Patients and methods: All hospitalized patients with a diagnosis of CDI were divided into two groups; those with NSAIDs administered up to 10 days after onset of CDI versus no NSAIDs use. The primary outcomes were analyzed between the groups, while controlling for severity of CDI. A logistic regression analysis was performed to identify the predictors of worse outcomes.

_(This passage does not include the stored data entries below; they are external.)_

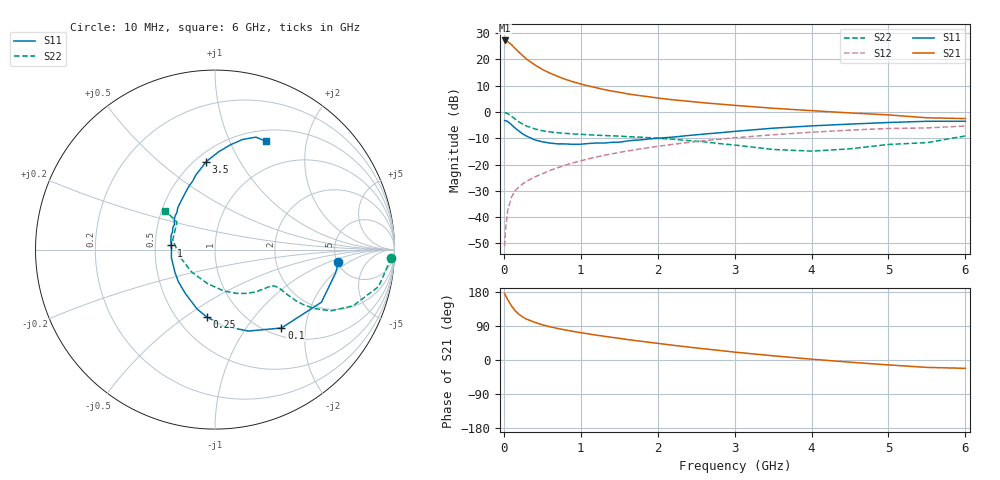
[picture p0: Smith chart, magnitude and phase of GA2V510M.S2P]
! Infineon Technologies  Discrete & RF Semiconductors
! BF775
! Si NPN RF Bipolar Junction Transistor in SOT23
! VCE = 2.5 V  IC = 10 mA
! Common Emitter S-Parameters:  May  1996
# GHz  S  MA  R  50
!  f  S11  S21  S12  S22
! GHz  MAG  ANG  MAG  ANG  MAG  ANG  MAG  ANG
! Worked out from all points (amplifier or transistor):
!   36 points, 10 MHz to 6 GHz, reference 50 ohm
!   highest |S21| = 27.2 dB at 10 MHz (marker M1)
!   |S21| within 3 dB of that: start of sweep to 145.5 MHz
!   unconditionally stable (mu >= 1): 542.1 MHz to 3.492 GHz
!   at 250 MHz: K = 0.70, MSG = 24.3 dB, |S12| = -27.3 dB
!   at 1.4 GHz: K = 1.12, MAG = 9.8 dB, |S12| = -15.9 dB
!   at 6 GHz: K = 0.97, MSG = 1.4 dB, |S12| = -5.3 dB
!   S11 on the Smith chart (normalised r, x): 10 MHz: 5.12, -1.32; 100 MHz: 1.14, -1.49; 250 MHz: 0.69, -0.61; 1 GHz: 0.61, +0.03; 3.5 GHz: 0.57, +0.73; 6 GHz: 0.63, +1.37
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0.01  0.6912 -5.6  23.02 175.7  0.0028 86.2  0.9815 -2.6
0.02  0.6849 -10.8  22.69 171.3  0.0055 85.8  0.9675 -5.2
0.05  0.6616 -26.3  21.86 159.5  0.0133 77.6  0.9348 -12.7
0.1  0.5728 -49.7  19.13 142.7  0.0241 69.2  0.8301 -22.2
0.15  0.4903 -67.7  16.04 129.4  0.0324 64.0  0.7291 -27.9
0.2  0.4304 -83.1  13.66 120.0  0.0379 62.1  0.6456 -30.6
0.25  0.3792 -96.7  11.63 112.8  0.0434 61.0  0.5814 -31.9
0.3  0.346 -106.7  10.08 107.5  0.0486 61.2  0.5369 -32.3
0.4  0.2958 -123.8  7.935 99.6  0.058 61.7  0.4787 -31.9
0.5  0.2714 -138.8  6.467 92.9  0.0668 62.8  0.4407 -31.3
0.6  0.2562 -150.9  5.489 87.7  0.0772 63.6  0.4185 -31.0
0.7  0.2479 -160.8  4.767 83.2  0.087 64.0  0.4043 -31.1
0.8  0.2472 -169.4  4.192 79.2  0.0973 63.9  0.3922 -31.4
1  0.2442 174.6  3.417 72.1  0.118 63.7  0.3757 -32.7
1.1  0.2517 168.0  3.141 68.9  0.1287 63.2  0.3695 -34.0
1.3  0.2564 157.4  2.685 62.8  0.1498 62.0  0.3574 -36.3
1.6  0.2811 143.9  2.232 54.2  0.1806 59.5  0.3409 -41.1
2.2  0.3337 123.8  1.707 38.9  0.243 53.5  0.3034 -53.5
3.5  0.4925 95.7  1.18 11.1  0.3692 37.1  0.194 -102.5
4.5  0.5898 81.7  0.962 -5.8  0.4528 23.7  0.1994 -168.2
5.5  0.6668 70.0  0.777 -19.5  0.4982 9.1  0.2613 144.1
6  0.6669 64.9  0.75 -22.0  0.5409 5.1  0.3507 142.0
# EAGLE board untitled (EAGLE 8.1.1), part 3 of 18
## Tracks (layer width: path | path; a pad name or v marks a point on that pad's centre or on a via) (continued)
S$2206 (continued)
  Bottom 0: 13.42,162.33 14.77,162.33
S$2207
  Bottom 0: 14.77,162.33 14.89,162.14
S$2208
  Bottom 0: 14.89,162.14 15.12,161.92
S$2209
  Bottom 0: 15.12,161.92 15.24,161.86
S$2210
  Bottom 0: 15.24,161.86 15.24,154.9
S$2211
  Bottom 0: 15.24,154.9 14.14,153.8
S$2212
  Bottom 0: 14.14,153.8 14.24,154.11
S$2213
  Bottom 0: 14.24,154.11 14.29,154.56
S$2214
  Bottom 0: 14.29,154.56 14.24,155.01
S$2215
  Bottom 0: 14.24,155.01 14.11,155.43
S$2216
  Bottom 0: 14.11,155.43 13.9,155.83
S$2217
  Bottom 0: 13.9,155.83 13.61,156.17
S$2218
  Bottom 0: 13.61,156.17 13.27,156.46
S$2219
  Bottom 0: 13.27,156.46 12.87,156.67
S$2220
  Bottom 0: 12.87,156.67 12.45,156.8
S$2221
  Bottom 0: 12.45,156.8 12,156.84
S$2222
  Bottom 0: 12,156.84 11.55,156.8
S$2223
  Bottom 0: 11.55,156.8 11.12,156.67
S$2224
  Bottom 0: 11.12,156.67 10.73,156.46
S$2225
  Bottom 0: 10.73,156.46 10.38,156.17
S$2226
  Bottom 0: 10.38,156.17 10.1,155.83
S$2227
  Bottom 0: 10.1,155.83 9.89,155.43
S$2228
  Bottom 0: 9.89,155.43 9.76,155.01
S$2229
  Bottom 0: 9.76,155.01 9.71,154.56
S$2230
  Bottom 0: 9.71,154.56 9.76,154.11
S$2231
  Bottom 0: 9.76,154.11 9.89,153.68
S$2232
  Bottom 0: 9.89,153.68 10.1,153.29
S$2233
  Bottom 0: 10.1,153.29 10.38,152.94
S$2234
  Bottom 0: 10.38,152.94 10.73,152.66
S$2235
  Bottom 0: 10.73,152.66 11.12,152.45
S$2236
  Bottom 0: 11.12,152.45 11.55,152.32
S$2237
  Bottom 0: 11.55,152.32 12,152.27
S$2238
  Bottom 0: 12,152.27 12.45,152.32
S$2239
  Bottom 0: 12.45,152.32 12.75,152.41
S$2240
  Bottom 0: 12.75,152.41 11.32,150.98
S$2241
  Bottom 0: 11.32,150.98 11.26,150.92
S$2242
  Bottom 0: 11.26,150.92 11.22,150.84
S$2243
  Bottom 0: 11.22,150.84 11.18,150.76
S$2244
  Bottom 0: 11.18,150.76 11.16,150.67
S$2245
  Bottom 0: 11.16,150.67 11.16,150.58
S$2246
  Bottom 0: 11.16,150.58 11.16,139.25
S$2247
  Bottom 0: 11.16,139.25 11.16,139.18
S$2248
  Bottom 0: 11.16,139.18 0.88,128.9
S$2249
  Bottom 0: 0.88,128.9 0.82,128.83
S$2250
  Bottom 0: 0.82,128.83 0.78,128.75
S$2251
  Bottom 0: 0.78,128.75 0.74,128.67
S$2252
  Bottom 0: 0.74,128.67 0.72,128.59
S$2253
  Bottom 0: 0.72,128.59 0.71,128.49
S$2254
  Bottom 0: 0.71,128.49 0.71,104.63
S$2255
  Bottom 0: 0.71,104.63 0.59,104.57
S$2256
  Bottom 0: 0.59,104.57 0.36,104.34
S$2257
  Bottom 0: 0.36,104.34 0.19,104.07
S$2258
  Bottom 0: 0.19,104.07 0.1,103.75
S$2259
  Bottom 0: 0.1,103.75 0.1,103.43
S$2260
  Bottom 0: 0.1,103.43 0.19,103.11
S$2261
  Bottom 0: 0.19,103.11 0.36,102.84
S$2262
  Bottom 0: 0.36,102.84 0.59,102.62
S$2263
  Bottom 0: 0.59,102.62 0.88,102.47
S$2264
  Bottom 0: 0.88,102.47 1.2,102.4
S$2265
  Bottom 0: 1.2,102.4 1.53,102.42
S$2266
  Bottom 0: 1.53,102.42 1.83,102.53
S$2267
  Bottom 0: 1.83,102.53 2.1,102.72
S$2268
  Bottom 0: 2.1,102.72 2.3,102.97
S$2269
  Bottom 0: 2.3,102.97 2.43,103.27
S$2270
  Bottom 0: 2.43,103.27 2.48,103.59
S$2271
  Bottom 0: 2.48,103.59 2.43,103.91
S$2272
  Bottom 0: 2.43,103.91 2.3,104.21
S$2273
  Bottom 0: 2.3,104.21 2.1,104.47
S$2274
  Bottom 0: 2.1,104.47 1.85,104.64
S$2275
  Bottom 0: 1.85,104.64 1.85,128.26
S$2276
  Bottom 0: 1.85,128.26 12.11,138.53
S$2277
  Bottom 0: 12.11,138.53 16.02,138.53
S$2278
  Bottom 0: 16.02,138.53 19.37,135.17
S$2279
  Bottom 0: 19.37,135.17 19.37,133.7
S$2280
  Bottom 0: 19.37,133.7 19.21,133.92
S$2281
  Bottom 0: 19.21,133.92 18.94,134.15
S$2282
  Bottom 0: 18.94,134.15 18.62,134.3
S$2283
  Bottom 0: 18.62,134.3 18.27,134.36
S$2284
  Bottom 0: 18.27,134.36 17.93,134.34
S$2285
  Bottom 0: 17.93,134.34 17.59,134.23
S$2286
  Bottom 0: 17.59,134.23 17.3,134.05
S$2287
  Bottom 0: 17.3,134.05 17.06,133.79
S$2288
  Bottom 0: 17.06,133.79 16.89,133.48
S$2289
  Bottom 0: 16.89,133.48 16.8,133.14
S$2290
  Bottom 0: 16.8,133.14 16.8,132.79
S$2291
  Bottom 0: 16.8,132.79 16.89,132.46
S$2292
  Bottom 0: 16.89,132.46 16.95,132.35
S$2293
  Bottom 0: 16.95,132.35 9.29,124.7
S$2294
  Bottom 0: 9.29,124.7 9.21,124.59
S$2295
  Bottom 0: 9.21,124.59 9.19,124.53
S$2296
  Bottom 0: 9.19,124.53 9.17,124.46
S$2297
  Bottom 0: 9.17,124.46 9.16,124.39
S$2298
  Bottom 0: 9.16,124.39 9.16,103.63
S$2299
  Bottom 0: 9.16,103.63 7.46,103.63
S$2300
  Bottom 0: 7.46,103.63 7.38,103.62
S$2301
  Bottom 0: 7.38,103.62 7.32,103.58
S$2302
  Bottom 0: 7.32,103.58 7.26,103.53
S$2303
  Bottom 0: 7.26,103.53 7.22,103.45
S$2304
  Bottom 0: 7.22,103.45 7.21,103.38
S$2305
  Bottom 0: 7.21,103.38 7.21,102.93
S$2306
  Bottom 0: 7.21,102.93 7.08,102.93
S$2307
  Bottom 0: 7.08,102.93 6.86,102.87
S$2308
  Bottom 0: 6.86,102.87 6.7,102.71
S$2309
  Bottom 0: 6.7,102.71 6.64,102.49
S$2310
  Bottom 0: 6.64,102.49 6.64,101.96
S$2311
  Bottom 0: 6.64,101.96 1.75,97.06
S$2312
  Bottom 0: 1.75,97.06 1.53,97.14
S$2313
  Bottom 0: 1.53,97.14 1.2,97.16
S$2314
  Bottom 0: 1.2,97.16 0.88,97.09
S$2315
  Bottom 0: 0.88,97.09 0.59,96.95
S$2316
  Bottom 0: 0.59,96.95 0.36,96.72
S$2317
  Bottom 0: 0.36,96.72 0.19,96.45
S$2318
  Bottom 0: 0.19,96.45 0.1,96.13
S$2319
  Bottom 0: 0.1,96.13 0.1,95.81
S$2320
  Bottom 0: 0.1,95.81 0.19,95.49
S$2321
  Bottom 0: 0.19,95.49 0.36,95.22
S$2322
  Bottom 0: 0.36,95.22 0.59,95
S$2323
  Bottom 0: 0.59,95 0.88,94.85
S$2324
  Bottom 0: 0.88,94.85 1.2,94.78
S$2325
  Bottom 0: 1.2,94.78 1.53,94.8
S$2326
  Bottom 0: 1.53,94.8 1.83,94.91
S$2327
  Bottom 0: 1.83,94.91 2.1,95.1
S$2328
  Bottom 0: 2.1,95.1 2.3,95.35
S$2329
  Bottom 0: 2.3,95.35 2.43,95.65
S$2330
  Bottom 0: 2.43,95.65 2.48,95.97
S$2331
  Bottom 0: 2.48,95.97 2.43,96.29
S$2332
  Bottom 0: 2.43,96.29 2.37,96.43
S$2333
  Bottom 0: 2.37,96.43 7.33,101.39
S$2334
  Bottom 0: 7.33,101.39 7.38,101.36
S$2335
  Bottom 0: 7.38,101.36 7.46,101.35
S$2336
  Bottom 0: 7.46,101.35 9.16,101.35
S$2337
  Bottom 0: 9.16,101.35 9.16,100.84
S$2338
  Bottom 0: 9.16,100.84 9.17,100.77
S$2339
  Bottom 0: 9.17,100.77 9.19,100.7
S$2340
  Bottom 0: 9.19,100.7 9.21,100.64
S$2341
  Bottom 0: 9.21,100.64 9.25,100.58
S$2342
  Bottom 0: 9.25,100.58 9.29,100.52
S$2343
  Bottom 0: 9.29,100.52 10.21,99.61
S$2344
  Bottom 0: 10.21,99.61 10.07,99.65
S$2345
  Bottom 0: 10.07,99.65 9.62,99.69
S$2346
  Bottom 0: 9.62,99.69 9.17,99.65
S$2347
  Bottom 0: 9.17,99.65 8.75,99.52
S$2348
  Bottom 0: 8.75,99.52 8.35,99.31
S$2349
  Bottom 0: 8.35,99.31 8,99.02
S$2350
  Bottom 0: 8,99.02 7.72,98.68
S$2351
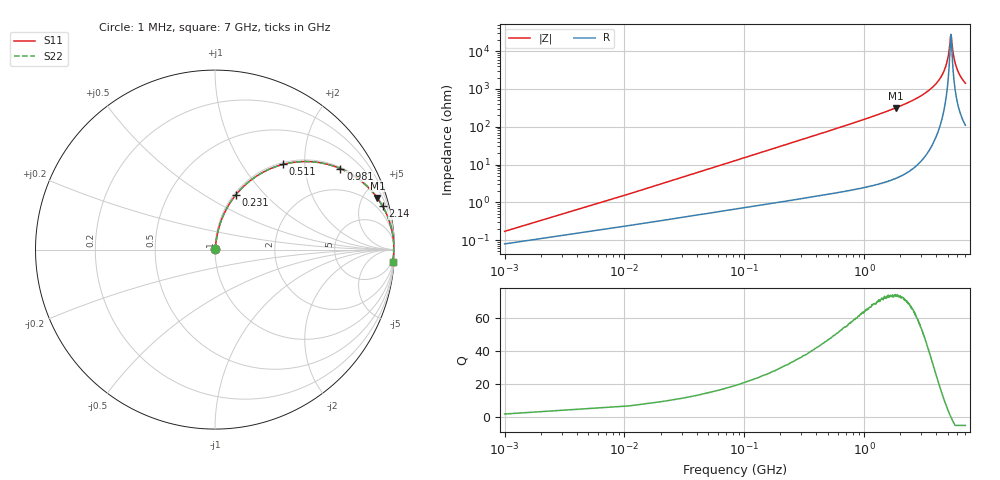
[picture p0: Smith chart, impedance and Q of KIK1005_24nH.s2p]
!version-3
!date-01.2023
!Series
# MHz S RI R 50
!Freq ReS11 ImS11 ReS21 ImS21 ReS12 ImS12 ReS22 ImS22
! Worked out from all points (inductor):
!   701 points, 1 MHz to 7 GHz, reference 50 ohm
!   read as one part in series: L = 24 nH near 31 MHz
!   highest Q = 73.4 at 1.83 GHz (marker M1), where L = 27.3 nH
!   self-resonance near 5.3 GHz
!   S11 on the Smith chart (normalised r, x): 1 MHz: 1.00, +0.00; 231 MHz: 1.02, +0.70; 511 MHz: 1.03, +1.56; 981 MHz: 1.05, +3.06; 2.14 GHz: 1.11, +7.71; 7 GHz: 3, -28
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1  0.000786 0.00151  0.9992 -0.00151  0.9992 -0.00151  0.000786 0.00151
41  0.00837 0.061  0.9916 -0.061  0.9916 -0.061  0.00837 0.061
61  0.0139 0.0902  0.9861 -0.0902  0.9861 -0.0902  0.0139 0.0902
131  0.0449 0.1872  0.9551 -0.1872  0.9551 -0.1872  0.0449 0.1872
231  0.1162 0.3051  0.8838 -0.3051  0.8838 -0.3051  0.1162 0.3051
351  0.2262 0.4058  0.7738 -0.4058  0.7738 -0.4058  0.2262 0.4058
511  0.3795 0.4748  0.6205 -0.4748  0.6205 -0.4748  0.3795 0.4748
981  0.6983 0.4511  0.3017 -0.4511  0.3017 -0.4511  0.6983 0.4511
1170  0.7717 0.4124  0.2283 -0.4124  0.2283 -0.4124  0.7717 0.4124
1830  0.9045 0.2872  0.0955 -0.2872  0.0955 -0.2872  0.9045 0.2872
2140  0.9341 0.2413  0.0659 -0.2413  0.0659 -0.2413  0.9341 0.2413
2340  0.9477 0.2154  0.0523 -0.2154  0.0523 -0.2154  0.9477 0.2154
3510  0.9862 0.1043  0.0138 -0.1043  0.0138 -0.1043  0.9862 0.1043
4190  0.9936 0.0589  0.00639 -0.0589  0.00639 -0.0589  0.9936 0.0589
4670  0.9958 0.0316  0.00415 -0.0316  0.00415 -0.0316  0.9958 0.0316
5020  0.9964 0.0136  0.00357 -0.0136  0.00357 -0.0136  0.9964 0.0136
5300  0.9964 0.000151  0.0036 -0.000151  0.0036 -0.000151  0.9964 0.000151
5340  0.9964 -0.00171  0.00364 0.00171  0.00364 0.00171  0.9964 -0.00171
5560  0.996 -0.0117  0.00396 0.0117  0.00396 0.0117  0.996 -0.0117
5840  0.9953 -0.0239  0.00466 0.0239  0.00466 0.0239  0.9953 -0.0239
6320  0.9935 -0.0435  0.0065 0.0435  0.0065 0.0435  0.9935 -0.0435
7000  0.9898 -0.0691  0.0102 0.0691  0.0102 0.0691  0.9898 -0.0691

Results: NSAIDs were administered in 14% (n=80) of the 568 hospitalized visits for an average of 2.5 days after the CDI diagnosis. All-cause mortality was high in patients who did not receive NSAIDs as compared to those who did receive NSAIDs (16.6% vs 12.5%, p 0.354). Patients who were prescribed NSAIDs were more likely to have toxic mega-colon as compared to those who were not prescribed NSAIDs (2.5% vs 0.6%, p 0.094). Results were not statistically significant, even after controlling for CDI severity. Logistic regression analysis did not identify NSAIDs administration as a significant factor for all-cause mortality in CDI patients.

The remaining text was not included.